Padahal jalur MRT ini masuk dalam RJPMD yang disusun Jokowi-Ahok tahun 2012 untuk diimplementasikan tahun 2013-2017.
Selain itu target RJPMD yang belum tercapai adalah pembangunan 10 ribu unit rumah susun. Saat ini baru terealisasi sekitar 6.000 unit.
Sebelum ada RJPMD baru, program itu harus diteruskan sampai rampung. Kepala Badan Perencanaan Pembangunan Daerah DKI Jakarta Tuty Kusumawati mengatakan, program Ahok itu tetap berjalan siapapun gubernurnya.
Menurutnya, tak ada alasan bagi gubernur selanjutnya untuk tidak menjalankan program-program itu, sebab ada aturannya, baik itu undang-undang, peraturan gubernur, maupun peraturan pemerintah.

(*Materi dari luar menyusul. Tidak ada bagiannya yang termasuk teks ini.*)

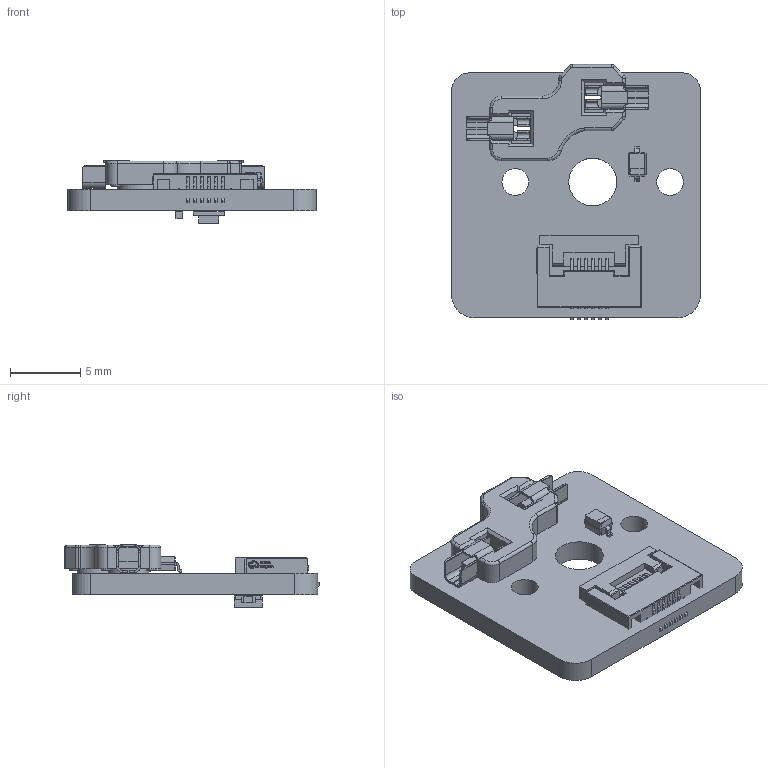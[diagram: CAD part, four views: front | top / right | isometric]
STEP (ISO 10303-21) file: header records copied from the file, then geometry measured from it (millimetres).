
FILE_DESCRIPTION(('KiCad electronic assembly'),'2;1');
FILE_NAME('FPC-assembly.step','2026-10-01T15:10:08',('Pcbnew'),('Kicad') ,'Open CASCADE STEP processor 7.9','KiCad to STEP converter','Unknown' );
FILE_SCHEMA(('AUTOMOTIVE_DESIGN { 1 0 10303 214 1 1 1 1 }'));
Length unit declared in the file: millimetre
Products named in the file (19): FPC-assembly 1; D_SOD-323; FPC-SMD_6P-P0.50_HC-FPC-0.5-6P-FH20; HS_CPG135001S30_Choc; pin; socket; LED_WS2812B-2020_2.2x2.0x0.84mm; substrate; optical encapsulation; solder terminal; IC depiction; red die depiction; green die depiction; blue die depiction; C_0402_1005Metric; AdafruitNeoKeyChocSocketBreakout_PCB
Assembly tree (19 placements, depth 3):
  FPC-assembly 1
    D_SOD-323
    FPC-SMD_6P-P0.50_HC-FPC-0.5-6P-FH20
    HS_CPG135001S30_Choc
      pin  x2
      socket
    LED_WS2812B-2020_2.2x2.0x0.84mm
      substrate
      optical encapsulation
      solder terminal
      solder terminal
      solder terminal
      solder terminal
      IC depiction
      red die depiction
      green die depiction
      blue die depiction
    C_0402_1005Metric
    AdafruitNeoKeyChocSocketBreakout_PCB
Bounding box: 17.67 x 18.12 x 4.48 mm (x, y, z)
Volume: 548.3 mm3; surface area: 1321.8 mm2
Topology: 26 solids, 26 shells, 1042 faces, 2738 edges, 1761 vertices
Faces by surface type: plane 698, cylinder 166, bspline 158, torus 10, cone 10
Full cylindrical faces by diameter (mm): 1.9 x2, 2.9 x2, 3 x2, 3.4 x1
Entity records: 34858 total; most frequent: CARTESIAN_POINT 6997, ORIENTED_EDGE 5004, DIRECTION 4179, EDGE_CURVE 2502, LINE 1921, VECTOR 1921, VERTEX_POINT 1615, AXIS2_PLACEMENT_3D 1129
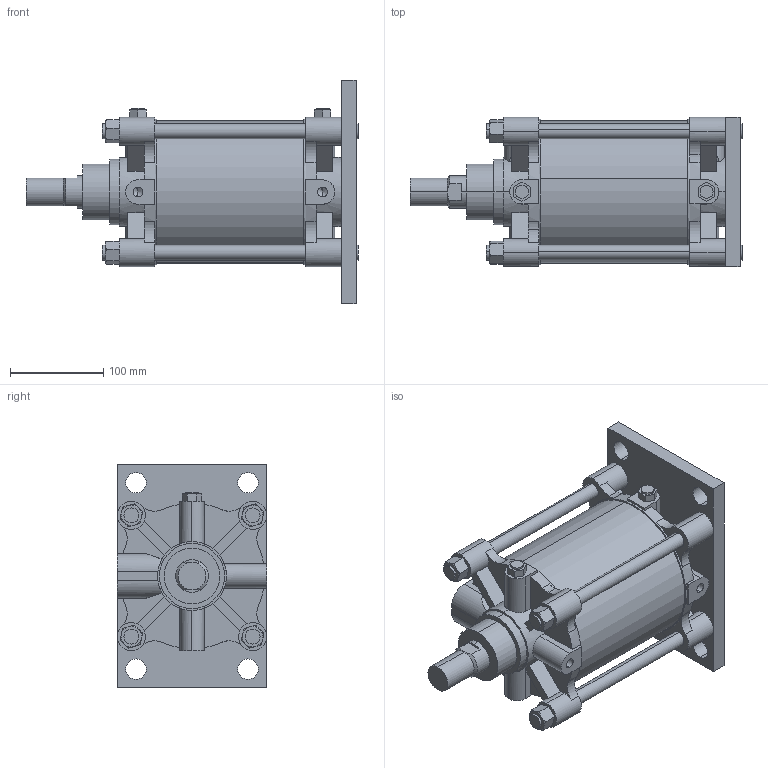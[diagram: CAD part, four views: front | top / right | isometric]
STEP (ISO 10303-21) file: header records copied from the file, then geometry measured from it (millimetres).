
FILE_DESCRIPTION (( 'STEP AP203' ), '1' );
FILE_NAME ('A##2-140#-100-B.STEP', '2016-03-31T06:53:02', ( '' ), ( '' ), 'SwSTEP 2.0', 'SolidWorks 2014', '' );
FILE_SCHEMA (( 'CONFIG_CONTROL_DESIGN' ));
Length unit declared in the file: millimetre
Products named in the file (7): A140-AB; A##2-140#-100-B; A140-100; A140-B; A140-A
Assembly tree (12 placements, depth 2):
  A##2-140#-100-B
    A140-B
    A140-100
    A140-A
    (unnamed)  x4
    (unnamed)  x4
    A140-AB
Bounding box: 356 x 160 x 240 mm (x, y, z)
Volume: 4952996.5 mm3; surface area: 470446.2 mm2
Topology: 12 solids, 14 shells, 344 faces, 888 edges, 572 vertices
Faces by surface type: plane 172, cylinder 134, torus 24, cone 14
Entity records: 10360 total; most frequent: CARTESIAN_POINT 2076, DIRECTION 1642, ORIENTED_EDGE 1500, EDGE_CURVE 750, AXIS2_PLACEMENT_3D 627, VERTEX_POINT 494, LINE 388, VECTOR 388

"Dijalankan karena ada aturannya, ada undang-undangnya, siapapun pejabatnya kalau masih ada aturannya masih berjalan dan masih berlaku," ujar Tuty belum lama ini.
Tuty menjelaskan, program-program Ahok itu dari awal bertujuan untuk membangun Jakarta lebih baik.